Investigations on the crystallization of polyethylene under high pressure: Role of mobile phases, lamellar thickening growth, phase transformations, and morphology

Abstract

The outlines of a comprehensive study on crystallization of polyethylene under elevated pressure (P) are being reported. Through in situ viewing of formation and growth of the lamellar crystals, complemented by x-ray diffraction information, it could be established that within the range of experiments (P = 1.8–5.5 kbar and up to supercoolings (ΔT) of about 10°C) formation and growth of identifiable single crystals only proceeded in the mobile hexagonal (h) phase, irrespective whether this was the stable or metastable phase in the appropriate portion of the pressure-temperature (T) phase diagram. In the latter case (when h metastable) all growth stopped on transformation into the stable orthorhombic (o) phase. All this applies both to lateral growth and to growth into the thickness direction which proceeded from chain folded to extended chain thickness and to thicknesses considerably beyond. The foregoing identifies a primary thickening growth mechanism which, as here recognized, is distinct from the traditionally considered lamellar thickening of contiguous layers, where such thickening corresponds to rearrangement as opposed to the present primary growth. It follows from these studies that two distinct crystallization mechanisms are operative simultaneously, the so far considered lateral and the newly found thickening growth. Both lateral and (primary) thickening growth could be followed quantitatively, the thickening growth in the rather unique manner of mapping the cross-sectional taper obtained through electron microscopic investigation.

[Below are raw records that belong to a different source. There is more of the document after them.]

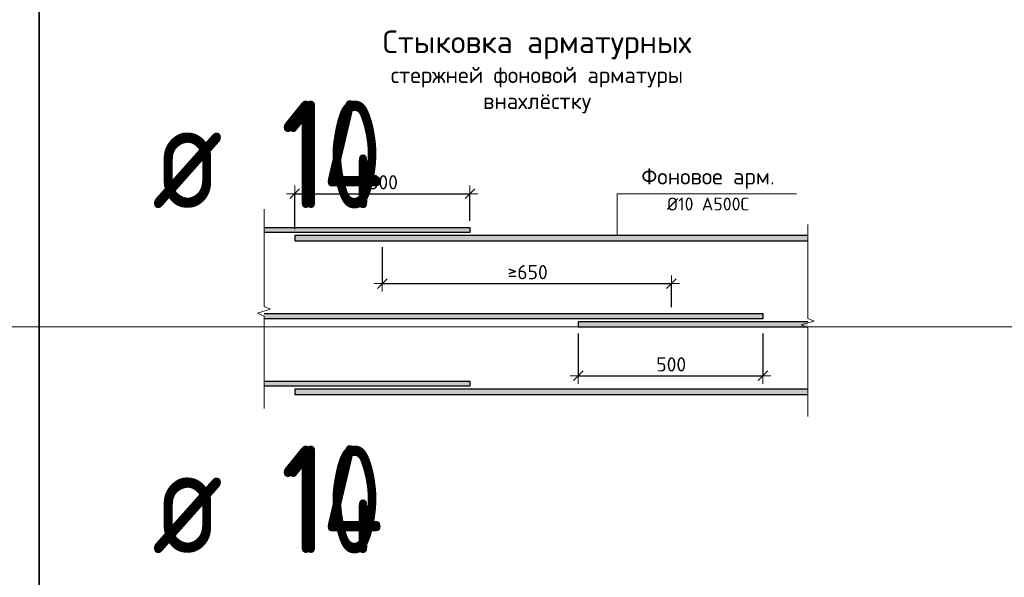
# Model space of a CAD drawing. Header units: metres. Extents: x -38 to 97, y -15 to 21.
# Tile 99 of 111: x 75.37 to 77.66, y 6.29 to 7.58. Entities that reach past the tile are written whole.
import ezdxf

# ---------------------------------------------------------------- set-up
doc = ezdxf.new("R2010")
doc.units = ezdxf.units.M
doc.header["$PDMODE"] = 65
doc.layers.add('XR$4$Арм.стержн.ниж.зоны Х', color=7, linetype='Continuous', lineweight=35, true_color=0xc600c6)
doc.layers.add('XR$6$Арм.стержн.ниж.зоны Х', color=7, linetype='Continuous', lineweight=35, true_color=0xc600c6)
doc.layers.add('XR$4$Размерная линия_ общее', color=7, linetype='Continuous', lineweight=13)
doc.layers.add('XR$6$Размерная линия_ общее', color=7, linetype='Continuous', lineweight=13)
doc.styles.add('ISOCPEUR', font='txt')
doc.dimstyles.new('DIMSTYLE_10', dxfattribs={"dimtxt": 0.033, "dimasz": 0.0375, "dimexe": 0, "dimexo": 0, "dimgap": 0.0165, "dimtad": 2, "dimdec": 0, "dimlfac": 1000, "dimrnd": 1, "dimzin": 12, "dimdsep": 46, "dimtxsty": 'ISOCPEUR', "dimblk1": 'ALL_ML_STRICH', "dimblk2": 'ALL_ML_STRICH', "dimsah": 1, "dimcen": 0, "dimclrd": 7, "dimclre": 256, "dimclrt": 7, "dimadec": 0, "dimazin": 0, "dimtfac": 1, "dimtdec": 0, "dimtix": 1, "dimtmove": 2, "dimatfit": 3, "dimfxl": 0, "dimtzin": 0, "dimlwd": 0, "dimlwe": -3, "dimarcsym": 0})
doc.dimstyles.new('DIMSTYLE_35', dxfattribs={"dimtxt": 0.033, "dimasz": 0.0375, "dimexe": 0, "dimexo": 0, "dimgap": 0.0165, "dimtad": 2, "dimdec": 0, "dimlfac": 1000, "dimrnd": 1, "dimzin": 12, "dimdsep": 46, "dimtxsty": 'ISOCPEUR', "dimblk1": 'ALL_ML_STRICH', "dimblk2": 'ALL_ML_STRICH', "dimsah": 1, "dimcen": 0, "dimclrd": 7, "dimclre": 256, "dimclrt": 7, "dimadec": 0, "dimazin": 0, "dimtfac": 1, "dimtdec": 0, "dimtix": 1, "dimtmove": 2, "dimatfit": 3, "dimfxl": 0, "dimtzin": 0, "dimlwd": 0, "dimlwe": -3, "dimarcsym": 0})
doc.dimstyles.new('DIMSTYLE_8', dxfattribs={"dimtxt": 0.033, "dimasz": 0.0375, "dimexe": 0, "dimexo": 0, "dimgap": 0.0165, "dimtad": 2, "dimdec": 0, "dimlfac": 1000, "dimrnd": 1, "dimzin": 12, "dimdsep": 46, "dimtxsty": 'ISOCPEUR', "dimblk1": 'ALL_ML_STRICH', "dimblk2": 'ALL_ML_STRICH', "dimsah": 1, "dimcen": 0, "dimclrd": 7, "dimclre": 256, "dimclrt": 7, "dimadec": 0, "dimazin": 0, "dimtfac": 1, "dimtdec": 0, "dimtix": 1, "dimtmove": 2, "dimatfit": 3, "dimfxl": 0, "dimtzin": 0, "dimlwd": 0, "dimlwe": -3, "dimarcsym": 0})
doc.dimstyles.new('DIMSTYLE_9', dxfattribs={"dimtxt": 0.033, "dimasz": 0.0375, "dimexe": 0, "dimexo": 0, "dimgap": 0.0165, "dimtad": 2, "dimdec": 0, "dimlfac": 1000, "dimrnd": 1, "dimzin": 12, "dimdsep": 46, "dimtxsty": 'ISOCPEUR', "dimblk1": 'ALL_ML_STRICH', "dimblk2": 'ALL_ML_STRICH', "dimsah": 1, "dimcen": 0, "dimclrd": 7, "dimclre": 256, "dimclrt": 7, "dimadec": 0, "dimazin": 0, "dimtfac": 1, "dimtdec": 0, "dimtix": 1, "dimtmove": 2, "dimatfit": 3, "dimfxl": 0, "dimtzin": 0, "dimlwd": 0, "dimlwe": -3, "dimarcsym": 0})

# ---------------------------------------------------------------- blocks, each defined once
blk = doc.blocks.new('ALL_ML_STRICH')
at = {"color": 0, "linetype": 'ByBlock', "lineweight": -2}
for p, q in [((-1, 0), (0.5, 0)), ((-0.3, -0.3), (0.3, 0.3)), ((0, -0.5), (0, 0.5))]:
    blk.add_line(p, q, dxfattribs=at)
blk = doc.blocks.new('*D123')
at = {"layer": 'DEFPOINTS', "color": 7, "linetype": 'Continuous', "lineweight": 13, "transparency": 33554687}
for p in [(76.0122, 7.1808), (76.4182, 7.1027), (76.0122, 7.0837)]:
    blk.add_point(p, dxfattribs=at)
at = {"layer": 'XR$4$Размерная линия_ общее', "color": 253, "linetype": 'Continuous', "lineweight": -2, "true_color": 0xa0a0a0, "transparency": 33554687}
for p, q in [((76.0122, 7.0987), (76.0122, 7.1808)), ((76.4182, 7.1177), (76.4182, 7.1808))]:
    blk.add_line(p, q, dxfattribs=at)
at = {"layer": 'XR$4$Размерная линия_ общее', "color": 7, "linetype": 'Continuous', "lineweight": -2, "transparency": 33554687}
blk.add_line((76.0122, 7.1808), (76.4182, 7.1808), dxfattribs=at)
at = {"layer": 'XR$4$Размерная линия_ общее', "color": 7, "linetype": 'Continuous', "lineweight": 13, "transparency": 33554687, "xscale": 0.0375, "yscale": 0.0375, "zscale": 0.0375, "rotation": 180}
blk.add_blockref('ALL_ML_STRICH', (76.0122, 7.1808), dxfattribs=at)
at = {"layer": 'XR$4$Размерная линия_ общее', "color": 7, "linetype": 'Continuous', "lineweight": 13, "transparency": 33554687, "xscale": 0.0375, "yscale": 0.0375, "zscale": 0.0375}
blk.add_blockref('ALL_ML_STRICH', (76.4182, 7.1808), dxfattribs=at)
at = {"layer": 'XR$4$Размерная линия_ общее', "color": 7, "linetype": 'Continuous', "lineweight": 13, "transparency": 33554687, "insert": (76.1822, 7.2238), "char_height": 0.033, "width": 0.00165, "attachment_point": 1, "line_spacing_factor": 0.60241, "style": 'ISOCPEUR'}
blk.add_mtext('500', dxfattribs=at)
blk = doc.blocks.new('*D124')
at = {"layer": 'DEFPOINTS', "color": 7, "linetype": 'Continuous', "lineweight": 13, "transparency": 33554687}
for p in [(76.2152, 7.0717), (76.2152, 6.9723), (76.8852, 6.9027)]:
    blk.add_point(p, dxfattribs=at)
at = {"layer": 'XR$4$Размерная линия_ общее', "color": 253, "linetype": 'Continuous', "lineweight": -2, "true_color": 0xa0a0a0, "transparency": 33554687}
for p, q in [((76.2152, 7.0567), (76.2152, 6.9723)), ((76.8852, 6.9177), (76.8852, 6.9723))]:
    blk.add_line(p, q, dxfattribs=at)
at = {"layer": 'XR$4$Размерная линия_ общее', "color": 7, "linetype": 'Continuous', "lineweight": -2, "transparency": 33554687}
blk.add_line((76.2152, 6.9723), (76.8852, 6.9723), dxfattribs=at)
at = {"layer": 'XR$4$Размерная линия_ общее', "color": 7, "linetype": 'Continuous', "lineweight": 13, "transparency": 33554687, "xscale": 0.0375, "yscale": 0.0375, "zscale": 0.0375, "rotation": 180}
blk.add_blockref('ALL_ML_STRICH', (76.2152, 6.9723), dxfattribs=at)
at = {"layer": 'XR$4$Размерная линия_ общее', "color": 7, "linetype": 'Continuous', "lineweight": 13, "transparency": 33554687, "xscale": 0.0375, "yscale": 0.0375, "zscale": 0.0375}
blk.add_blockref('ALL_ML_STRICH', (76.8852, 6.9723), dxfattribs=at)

The latter gives, for the first time, quantitative information on chain sliding, allowing interpretation of crystal growth by the sliding diffusion theory by one of us (M.H.). Other aspects of the work include extension of phase diagrams to embracing virtual and metastable phase lines which have a previously unsuspected influence on the crystallization. These, together with the preceding recognitions, are opening some new perspectives on crystallization studies, extending as here illustrated by three examples-poly(trichlorofluoroethylene), (l-4-trans-butadiene), and poly(vinyl-idenefluoride/trifluoroethylene)—beyond the specific case of polyethylene. A variety of morphological observations were made throughout of potential consequence for multilayer formation but also raising some still unanswered questions relating to lateral habits.